**** The data ****

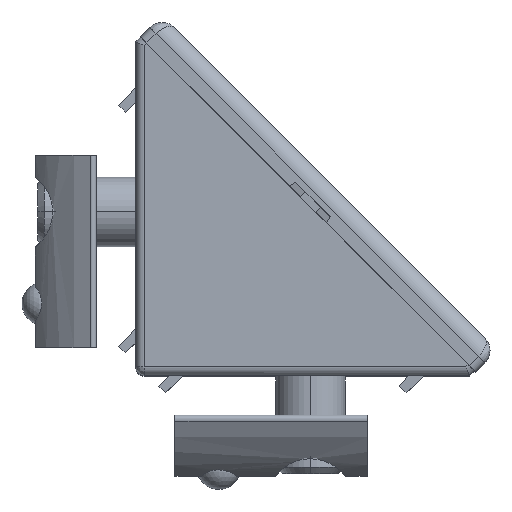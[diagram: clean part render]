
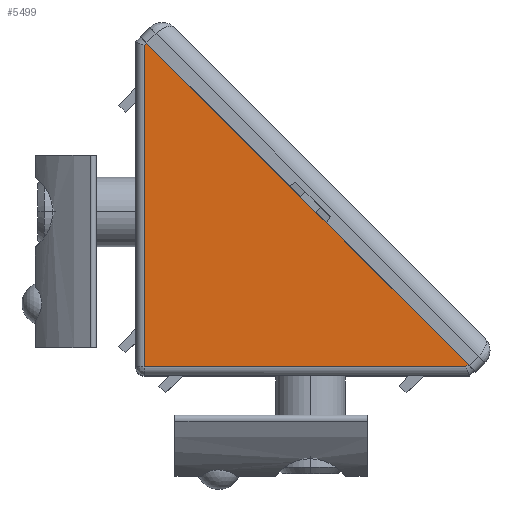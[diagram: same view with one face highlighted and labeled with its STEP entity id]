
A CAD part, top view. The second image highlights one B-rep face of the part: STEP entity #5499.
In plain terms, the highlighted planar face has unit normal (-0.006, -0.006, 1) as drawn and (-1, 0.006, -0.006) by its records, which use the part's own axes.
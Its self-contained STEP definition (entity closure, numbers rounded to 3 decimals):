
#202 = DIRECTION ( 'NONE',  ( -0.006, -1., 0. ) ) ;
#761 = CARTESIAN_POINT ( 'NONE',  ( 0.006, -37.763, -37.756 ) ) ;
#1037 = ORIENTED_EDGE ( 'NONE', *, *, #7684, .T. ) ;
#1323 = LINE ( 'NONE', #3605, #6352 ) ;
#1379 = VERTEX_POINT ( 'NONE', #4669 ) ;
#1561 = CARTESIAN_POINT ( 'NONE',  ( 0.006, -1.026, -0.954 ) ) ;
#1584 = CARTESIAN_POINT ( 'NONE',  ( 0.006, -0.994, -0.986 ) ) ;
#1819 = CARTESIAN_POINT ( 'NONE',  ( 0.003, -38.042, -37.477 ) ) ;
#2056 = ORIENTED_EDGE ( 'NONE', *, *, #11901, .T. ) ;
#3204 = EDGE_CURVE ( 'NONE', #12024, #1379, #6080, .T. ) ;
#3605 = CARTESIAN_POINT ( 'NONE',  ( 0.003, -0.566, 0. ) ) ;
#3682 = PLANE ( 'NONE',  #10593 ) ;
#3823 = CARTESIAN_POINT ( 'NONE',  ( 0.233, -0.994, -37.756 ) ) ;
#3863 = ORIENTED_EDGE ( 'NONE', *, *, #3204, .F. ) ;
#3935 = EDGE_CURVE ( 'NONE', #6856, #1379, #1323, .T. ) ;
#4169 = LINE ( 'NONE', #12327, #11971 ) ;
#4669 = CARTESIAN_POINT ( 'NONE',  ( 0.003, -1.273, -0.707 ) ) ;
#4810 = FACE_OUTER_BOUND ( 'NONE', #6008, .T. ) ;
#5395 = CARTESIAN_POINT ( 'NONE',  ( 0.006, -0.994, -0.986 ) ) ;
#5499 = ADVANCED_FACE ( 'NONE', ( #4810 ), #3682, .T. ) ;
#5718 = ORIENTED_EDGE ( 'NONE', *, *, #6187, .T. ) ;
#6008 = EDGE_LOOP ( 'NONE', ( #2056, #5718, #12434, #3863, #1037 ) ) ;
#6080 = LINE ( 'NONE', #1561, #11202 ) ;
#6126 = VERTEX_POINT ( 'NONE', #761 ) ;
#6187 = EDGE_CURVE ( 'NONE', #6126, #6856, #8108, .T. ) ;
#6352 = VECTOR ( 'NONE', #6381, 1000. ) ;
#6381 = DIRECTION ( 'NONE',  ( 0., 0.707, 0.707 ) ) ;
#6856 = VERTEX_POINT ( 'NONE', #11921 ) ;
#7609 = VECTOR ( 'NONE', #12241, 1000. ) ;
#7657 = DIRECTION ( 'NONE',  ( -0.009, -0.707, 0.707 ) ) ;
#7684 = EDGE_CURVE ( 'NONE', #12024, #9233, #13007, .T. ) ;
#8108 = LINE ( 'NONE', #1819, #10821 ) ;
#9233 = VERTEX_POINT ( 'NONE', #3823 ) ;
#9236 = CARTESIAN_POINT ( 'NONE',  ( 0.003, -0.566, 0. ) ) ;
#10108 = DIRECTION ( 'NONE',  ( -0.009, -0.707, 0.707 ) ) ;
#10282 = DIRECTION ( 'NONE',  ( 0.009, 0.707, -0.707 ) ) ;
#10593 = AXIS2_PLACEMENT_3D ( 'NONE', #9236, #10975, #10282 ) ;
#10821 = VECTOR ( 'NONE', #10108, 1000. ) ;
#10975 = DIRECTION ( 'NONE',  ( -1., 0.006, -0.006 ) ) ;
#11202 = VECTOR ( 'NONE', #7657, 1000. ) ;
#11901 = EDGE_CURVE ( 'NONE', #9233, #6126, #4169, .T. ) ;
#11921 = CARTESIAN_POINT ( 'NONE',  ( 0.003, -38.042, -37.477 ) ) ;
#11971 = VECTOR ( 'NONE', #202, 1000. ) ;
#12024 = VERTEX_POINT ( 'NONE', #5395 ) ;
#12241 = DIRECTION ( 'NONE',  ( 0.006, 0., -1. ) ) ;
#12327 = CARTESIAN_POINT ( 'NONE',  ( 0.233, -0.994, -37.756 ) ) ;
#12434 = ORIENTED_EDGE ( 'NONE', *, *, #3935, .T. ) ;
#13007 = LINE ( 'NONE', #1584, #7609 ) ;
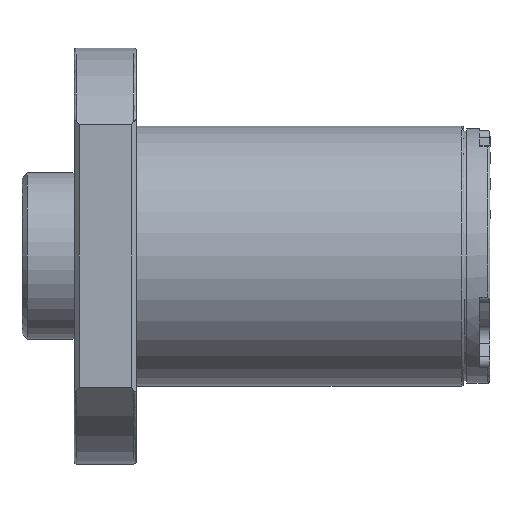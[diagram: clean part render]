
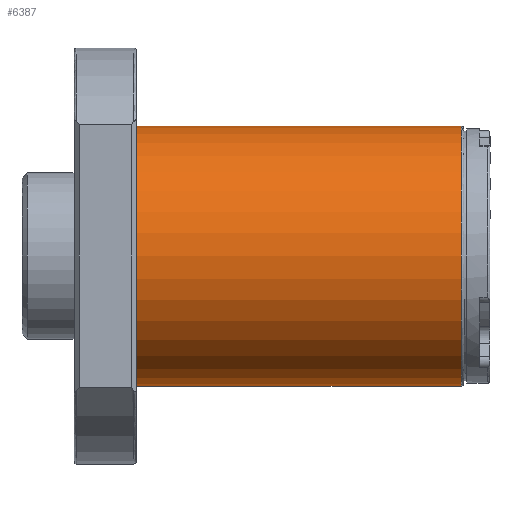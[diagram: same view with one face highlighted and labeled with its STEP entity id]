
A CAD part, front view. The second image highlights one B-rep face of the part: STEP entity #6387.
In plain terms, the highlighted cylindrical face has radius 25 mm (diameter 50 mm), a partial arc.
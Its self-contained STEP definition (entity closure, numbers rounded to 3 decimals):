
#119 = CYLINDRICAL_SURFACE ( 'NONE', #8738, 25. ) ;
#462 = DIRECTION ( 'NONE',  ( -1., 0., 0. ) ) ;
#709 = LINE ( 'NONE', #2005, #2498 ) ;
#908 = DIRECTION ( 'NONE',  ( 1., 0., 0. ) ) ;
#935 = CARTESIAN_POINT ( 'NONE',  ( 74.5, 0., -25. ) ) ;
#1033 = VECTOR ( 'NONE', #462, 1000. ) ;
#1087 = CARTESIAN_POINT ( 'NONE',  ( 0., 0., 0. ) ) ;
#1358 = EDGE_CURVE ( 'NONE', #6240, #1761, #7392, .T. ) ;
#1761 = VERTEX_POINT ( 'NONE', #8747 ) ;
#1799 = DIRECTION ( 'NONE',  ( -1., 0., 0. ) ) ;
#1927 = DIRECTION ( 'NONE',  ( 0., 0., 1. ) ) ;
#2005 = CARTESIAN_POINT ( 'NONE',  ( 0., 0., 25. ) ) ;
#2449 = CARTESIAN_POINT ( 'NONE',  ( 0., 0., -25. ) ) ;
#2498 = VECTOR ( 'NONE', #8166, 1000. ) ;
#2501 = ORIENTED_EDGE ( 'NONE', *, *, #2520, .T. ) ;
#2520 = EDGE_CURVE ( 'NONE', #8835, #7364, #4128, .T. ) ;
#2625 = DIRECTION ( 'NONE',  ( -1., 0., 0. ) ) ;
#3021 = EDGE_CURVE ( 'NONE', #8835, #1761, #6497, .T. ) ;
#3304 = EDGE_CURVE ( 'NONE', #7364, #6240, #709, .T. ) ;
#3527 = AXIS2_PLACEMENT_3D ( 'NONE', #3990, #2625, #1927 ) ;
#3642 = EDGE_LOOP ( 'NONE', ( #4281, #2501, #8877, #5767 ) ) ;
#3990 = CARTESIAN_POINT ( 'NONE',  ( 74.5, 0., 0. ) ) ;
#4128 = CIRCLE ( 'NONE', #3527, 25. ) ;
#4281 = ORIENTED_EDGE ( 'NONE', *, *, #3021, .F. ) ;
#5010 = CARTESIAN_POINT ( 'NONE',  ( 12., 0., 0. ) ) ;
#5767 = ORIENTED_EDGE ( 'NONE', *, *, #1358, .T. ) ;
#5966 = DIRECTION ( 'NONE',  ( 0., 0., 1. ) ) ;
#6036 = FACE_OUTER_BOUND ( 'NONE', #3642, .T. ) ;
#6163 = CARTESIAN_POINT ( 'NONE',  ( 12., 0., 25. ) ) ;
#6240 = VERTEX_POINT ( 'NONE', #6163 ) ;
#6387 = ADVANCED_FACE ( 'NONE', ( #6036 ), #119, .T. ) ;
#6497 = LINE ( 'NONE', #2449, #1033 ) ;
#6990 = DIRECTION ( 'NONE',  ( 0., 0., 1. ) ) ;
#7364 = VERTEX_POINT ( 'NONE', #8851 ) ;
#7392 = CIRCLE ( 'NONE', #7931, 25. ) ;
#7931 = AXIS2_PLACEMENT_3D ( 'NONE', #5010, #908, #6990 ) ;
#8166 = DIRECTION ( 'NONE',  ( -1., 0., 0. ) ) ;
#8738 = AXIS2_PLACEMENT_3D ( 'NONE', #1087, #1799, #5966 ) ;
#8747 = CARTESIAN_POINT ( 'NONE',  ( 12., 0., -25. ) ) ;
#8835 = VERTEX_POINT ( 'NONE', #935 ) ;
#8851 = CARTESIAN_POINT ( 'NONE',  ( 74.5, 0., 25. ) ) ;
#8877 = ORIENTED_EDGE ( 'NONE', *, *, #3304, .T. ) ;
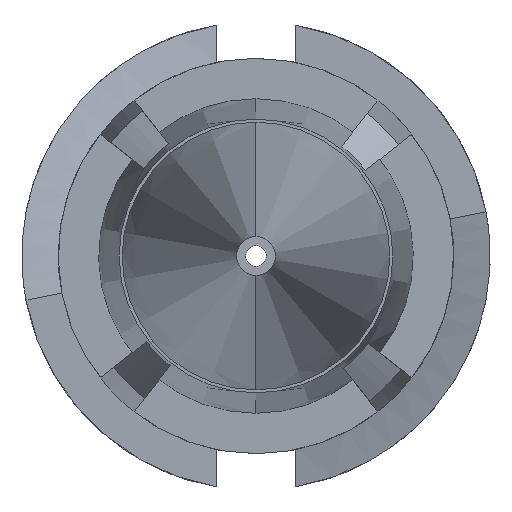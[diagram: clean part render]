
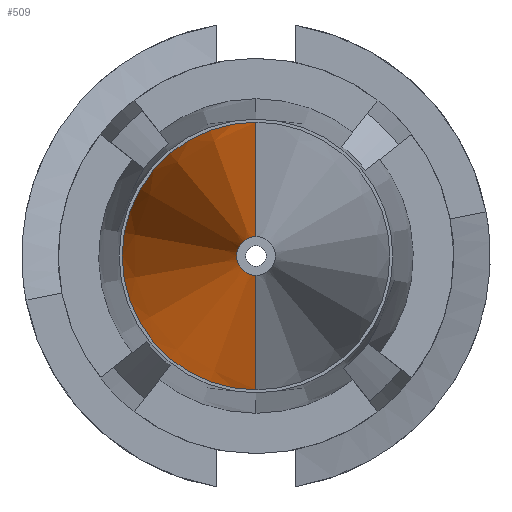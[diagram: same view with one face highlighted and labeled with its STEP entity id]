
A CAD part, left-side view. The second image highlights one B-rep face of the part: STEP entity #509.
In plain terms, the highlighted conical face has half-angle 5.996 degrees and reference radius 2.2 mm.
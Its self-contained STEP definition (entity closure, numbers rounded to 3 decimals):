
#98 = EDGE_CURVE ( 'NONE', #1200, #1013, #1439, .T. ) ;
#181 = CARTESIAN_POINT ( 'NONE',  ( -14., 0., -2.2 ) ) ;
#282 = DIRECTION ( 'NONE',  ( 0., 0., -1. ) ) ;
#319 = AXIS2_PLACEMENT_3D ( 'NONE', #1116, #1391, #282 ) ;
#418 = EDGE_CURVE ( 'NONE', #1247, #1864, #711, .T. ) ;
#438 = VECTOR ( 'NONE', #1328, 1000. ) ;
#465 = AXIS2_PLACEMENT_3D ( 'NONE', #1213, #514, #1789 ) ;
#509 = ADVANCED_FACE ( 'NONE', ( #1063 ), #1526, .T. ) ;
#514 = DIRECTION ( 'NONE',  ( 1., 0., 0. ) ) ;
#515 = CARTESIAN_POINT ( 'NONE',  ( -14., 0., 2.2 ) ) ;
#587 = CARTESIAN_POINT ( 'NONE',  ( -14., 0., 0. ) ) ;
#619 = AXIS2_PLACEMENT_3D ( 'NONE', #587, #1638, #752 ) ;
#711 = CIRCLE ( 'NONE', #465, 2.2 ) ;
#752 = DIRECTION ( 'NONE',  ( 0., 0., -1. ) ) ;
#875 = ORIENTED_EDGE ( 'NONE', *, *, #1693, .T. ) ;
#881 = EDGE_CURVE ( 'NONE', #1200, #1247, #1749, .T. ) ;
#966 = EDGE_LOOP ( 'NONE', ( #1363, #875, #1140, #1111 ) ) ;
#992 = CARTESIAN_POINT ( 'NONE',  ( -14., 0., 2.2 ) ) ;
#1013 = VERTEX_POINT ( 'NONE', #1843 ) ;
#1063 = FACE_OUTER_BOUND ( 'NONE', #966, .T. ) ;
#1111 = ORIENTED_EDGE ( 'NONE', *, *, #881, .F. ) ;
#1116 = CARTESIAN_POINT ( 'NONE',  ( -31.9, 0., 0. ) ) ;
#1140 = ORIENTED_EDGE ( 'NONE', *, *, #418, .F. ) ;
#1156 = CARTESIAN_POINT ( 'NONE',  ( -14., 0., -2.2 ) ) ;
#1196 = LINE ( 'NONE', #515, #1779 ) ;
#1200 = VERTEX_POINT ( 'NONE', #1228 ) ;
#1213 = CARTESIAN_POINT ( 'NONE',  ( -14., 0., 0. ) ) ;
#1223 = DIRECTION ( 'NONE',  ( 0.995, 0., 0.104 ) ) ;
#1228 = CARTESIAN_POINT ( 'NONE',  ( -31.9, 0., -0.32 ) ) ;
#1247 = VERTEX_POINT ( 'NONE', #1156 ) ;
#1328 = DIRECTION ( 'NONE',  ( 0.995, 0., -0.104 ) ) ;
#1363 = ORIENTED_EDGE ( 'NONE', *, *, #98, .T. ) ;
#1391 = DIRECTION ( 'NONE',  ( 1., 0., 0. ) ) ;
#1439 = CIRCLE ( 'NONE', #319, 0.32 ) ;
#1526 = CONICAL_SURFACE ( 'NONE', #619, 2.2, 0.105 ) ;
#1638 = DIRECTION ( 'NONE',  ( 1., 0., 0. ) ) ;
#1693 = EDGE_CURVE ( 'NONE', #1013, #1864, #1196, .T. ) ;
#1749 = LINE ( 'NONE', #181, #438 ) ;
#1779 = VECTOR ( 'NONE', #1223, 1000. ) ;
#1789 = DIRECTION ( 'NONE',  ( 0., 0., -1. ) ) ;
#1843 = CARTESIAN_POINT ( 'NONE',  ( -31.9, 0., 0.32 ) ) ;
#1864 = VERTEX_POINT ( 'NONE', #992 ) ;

****

Assignment:
Each line from the first line of the listing through the line with "In plain terms, the highlighted planar" must be printed exactly, both ends included, and no picture may appear.

Response to the task:
[diagram: clean part render]
[diagram: same view with one face highlighted and labeled with its STEP entity id]
A CAD part, top view. The second image highlights one B-rep face of the part: STEP entity #5499.
In plain terms, the highlighted planar face has unit normal (-0.006, -0.006, 1) as drawn and (-1, 0.006, -0.006) by its records, which use the part's own axes.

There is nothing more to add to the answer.